Development and validation of the Child Hemophilia Treatment Experience Measure: A new observer-reported outcome measure.

Abstract

Introduction: The Child Hemophilia Treatment Experience Measure (Child Hemo-TEM) was developed to capture the treatment burden experience of children with haemophilia (CwH).

Aim: Describe the development of this novel haemophilia-specific measure.

Methods: Interviews were conducted with clinical experts, CwH and CwH's caregivers. Interviews were analysed according to adapted grounded theory principles. Based on the analysis, a preliminary measure was developed and debriefed. Psychometric analyses were performed according to an a priori analysis plan using data collected in a cross-sectional web survey and a final measure was generated.

Results: Interviews with four clinical experts, 25 CwH ages 8 to <12 years, and 25 caregivers of CwH <12 years were conducted. Concepts endorsed by ≥10% of CwH and caregivers were: adherence, ease of use, emotional impacts, physical impacts, treatment concerns, and interference with daily life. Cognitive debriefing assessments were conducted to ensure participant understanding and item relevance.
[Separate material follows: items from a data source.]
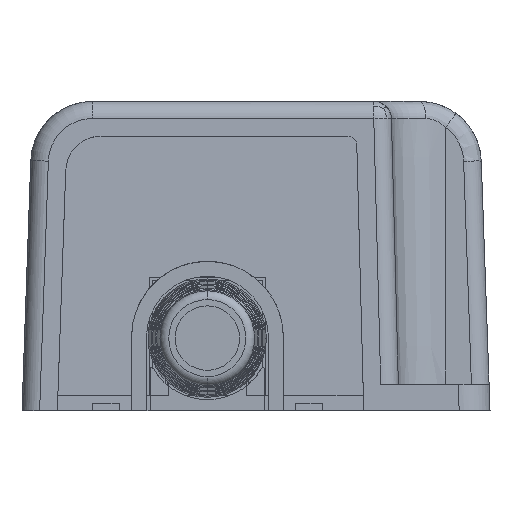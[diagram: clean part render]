
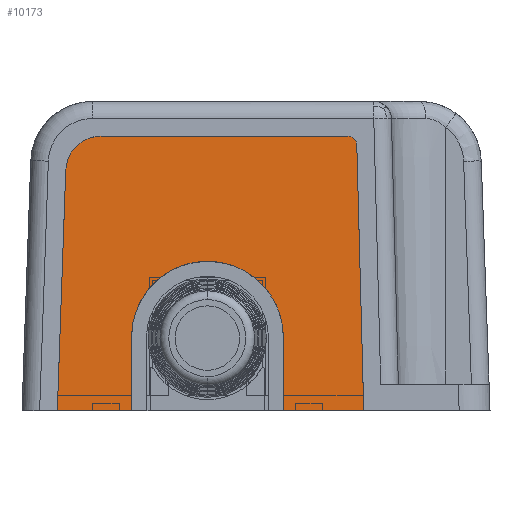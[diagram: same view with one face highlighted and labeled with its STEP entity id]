
A CAD part, left-side view. The second image highlights one B-rep face of the part: STEP entity #10173.
In plain terms, the highlighted planar face has unit normal (-0.999, 0, 0.035).
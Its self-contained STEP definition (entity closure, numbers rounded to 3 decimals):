
#3106=DIRECTION('',(0.,1.,0.));
#3107=VECTOR('',#3106,9.101);
#3108=CARTESIAN_POINT('',(-65.1,-11.201,
-0.494));
#3109=LINE('',#3108,#3107);
#3293=DIRECTION('',(0.035,0.,0.999));
#3294=VECTOR('',#3293,8.297);
#3295=CARTESIAN_POINT('',(-65.099,-2.1,
-0.492));
#3296=LINE('',#3295,#3294);
#3314=DIRECTION('',(-0.035,0.,-0.999));
#3315=VECTOR('',#3314,8.3);
#3316=CARTESIAN_POINT('',(-64.81,15.101,7.8));
#3317=LINE('',#3316,#3315);
#3321=CARTESIAN_POINT('',(-64.81,15.101,7.8));
#3322=CARTESIAN_POINT('',(-64.789,15.101,8.41));
#3323=CARTESIAN_POINT('',(-64.747,14.98,9.6));
#3324=CARTESIAN_POINT('',(-64.687,14.418,11.327));
#3325=CARTESIAN_POINT('',(-64.632,13.509,12.896));
#3326=CARTESIAN_POINT('',(-64.586,12.313,14.225));
#3327=CARTESIAN_POINT('',(-64.548,10.85,15.294));
#3328=CARTESIAN_POINT('',(-64.522,9.192,16.035));
#3329=CARTESIAN_POINT('',(-64.509,7.418,16.414));
#3330=CARTESIAN_POINT('',(-64.509,5.607,16.417));
#3331=CARTESIAN_POINT('',(-64.522,3.837,16.044));
#3332=CARTESIAN_POINT('',(-64.548,2.182,15.312));
#3333=CARTESIAN_POINT('',(-64.585,0.715,
14.251));
#3334=CARTESIAN_POINT('',(-64.631,-0.491,
12.921));
#3335=CARTESIAN_POINT('',(-64.686,-1.41,
11.346));
#3336=CARTESIAN_POINT('',(-64.747,-1.979,
9.608));
#3337=CARTESIAN_POINT('',(-64.789,-2.101,
8.413));
#3338=CARTESIAN_POINT('',(-64.81,-2.101,7.8));
#3343=DIRECTION('',(0.,-1.,0.));
#3344=VECTOR('',#3343,8.4);
#3345=CARTESIAN_POINT('',(-65.1,23.5,
-0.497));
#3346=LINE('',#3345,#3344);
#3350=DIRECTION('',(-0.035,0.035,-0.999));
#3351=VECTOR('',#3350,27.232);
#3352=CARTESIAN_POINT('',(-64.15,22.55,26.702));
#3353=LINE('',#3352,#3351);
#3357=CARTESIAN_POINT('',(-64.155,18.552,26.563));
#3358=DIRECTION('',(-0.999,0.,0.035));
#3359=DIRECTION('',(0.035,0.,0.999));
#3360=AXIS2_PLACEMENT_3D('',#3357,#3358,#3359);
#3365=CARTESIAN_POINT('',(-64.05,-9.413,
29.561));
#3366=DIRECTION('',(-0.999,0.,0.035));
#3367=DIRECTION('',(0.001,-1.,0.026));
#3368=AXIS2_PLACEMENT_3D('',#3365,#3366,#3367);
#3373=DIRECTION('',(0.035,0.026,0.999));
#3374=VECTOR('',#3373,30.11);
#3375=CARTESIAN_POINT('',(-65.1,-11.201,
-0.494));
#3376=LINE('',#3375,#3374);
#5868=DIRECTION('',(0.,-1.,0.));
#5869=VECTOR('',#5868,27.965);
#5870=CARTESIAN_POINT('',(-64.015,18.552,30.56));
#5871=LINE('',#5870,#5869);
#6672=CARTESIAN_POINT('',(-65.1,-11.201,
-0.494));
#6673=VERTEX_POINT('',#6672);
#6674=CARTESIAN_POINT('',(-64.049,-10.413,
29.587));
#6675=VERTEX_POINT('',#6674);
#7169=CARTESIAN_POINT('',(-64.015,18.552,30.56));
#7170=CARTESIAN_POINT('',(-64.015,-9.413,
30.56));
#7171=VERTEX_POINT('',#7169);
#7172=VERTEX_POINT('',#7170);
#7173=CARTESIAN_POINT('',(-64.15,22.55,26.702));
#7174=CARTESIAN_POINT('',(-65.1,23.5,
-0.497));
#7175=VERTEX_POINT('',#7173);
#7176=VERTEX_POINT('',#7174);
#7367=VERTEX_POINT('',#3321);
#7368=VERTEX_POINT('',#3338);
#7369=CARTESIAN_POINT('',(-65.1,15.1,
-0.494));
#7370=VERTEX_POINT('',#7369);
#7371=CARTESIAN_POINT('',(-65.099,-2.1,
-0.492));
#7372=VERTEX_POINT('',#7371);
#10151=CARTESIAN_POINT('',(-64.273,-0.15,
23.181));
#10152=DIRECTION('',(-0.999,0.,0.035));
#10153=DIRECTION('',(0.,-1.,0.));
#10154=AXIS2_PLACEMENT_3D('',#10151,#10152,#10153);
#10155=PLANE('',#10154);
#10156=ORIENTED_EDGE('',*,*,#10117,.T.);
#10157=ORIENTED_EDGE('',*,*,#10133,.F.);
#10158=ORIENTED_EDGE('',*,*,#10145,.T.);
#10159=ORIENTED_EDGE('',*,*,#7827,.F.);
#10161=ORIENTED_EDGE('',*,*,#10160,.F.);
#10163=ORIENTED_EDGE('',*,*,#10162,.F.);
#10165=ORIENTED_EDGE('',*,*,#10164,.T.);
#10167=ORIENTED_EDGE('',*,*,#10166,.F.);
#10169=ORIENTED_EDGE('',*,*,#10168,.F.);
#10170=ORIENTED_EDGE('',*,*,#10007,.T.);
#10171=EDGE_LOOP('',(#10156,#10157,#10158,#10159,#10161,#10163,#10165,#10167,
#10169,#10170));
#10172=FACE_OUTER_BOUND('',#10171,.F.);
#3339=B_SPLINE_CURVE_WITH_KNOTS('',3,(#3321,#3322,#3323,#3324,#3325,#3326,#3327,
#3328,#3329,#3330,#3331,#3332,#3333,#3334,#3335,#3336,#3337,#3338),
.UNSPECIFIED.,.F.,.F.,(4,1,1,1,1,1,1,1,1,1,1,1,1,1,1,4),(0.,0.067,
0.133,0.2,0.267,0.333,0.4,
0.467,0.533,0.6,0.667,0.733,
0.8,0.867,0.933,1.),.UNSPECIFIED.);
#3361=CIRCLE('',#3360,4.);
#3369=CIRCLE('',#3368,1.);
#7827=EDGE_CURVE('',#7176,#7370,#3346,.T.);
#10007=EDGE_CURVE('',#6673,#7372,#3109,.T.);
#10117=EDGE_CURVE('',#7372,#7368,#3296,.T.);
#10133=EDGE_CURVE('',#7367,#7368,#3339,.T.);
#10145=EDGE_CURVE('',#7367,#7370,#3317,.T.);
#10160=EDGE_CURVE('',#7175,#7176,#3353,.T.);
#10162=EDGE_CURVE('',#7171,#7175,#3361,.T.);
#10164=EDGE_CURVE('',#7171,#7172,#5871,.T.);
#10166=EDGE_CURVE('',#6675,#7172,#3369,.T.);
#10168=EDGE_CURVE('',#6673,#6675,#3376,.T.);
#10173=ADVANCED_FACE('',(#10172),#10155,.T.);

Caregivers found the measure to be understandable, comprehensive, and relevant. However, several issues with CwH completing the measure were identified and it was decided to only develop an observer-reported outcome version. Data for psychometric validation was collected in a web survey (N = 187). Item reduction dropped 12 items. Factor analysis generated a single, 7-item, internally consistent (α = .855) factor, which consisted of items covering all relevant a priori concepts. The majority of a priori convergent and all known groups validity hypotheses were confirmed.

Conclusions: The study findings provide evidence that the Child Hemo-TEM is a brief, well-designed, and valid and reliable measure of haemophilia treatment burden.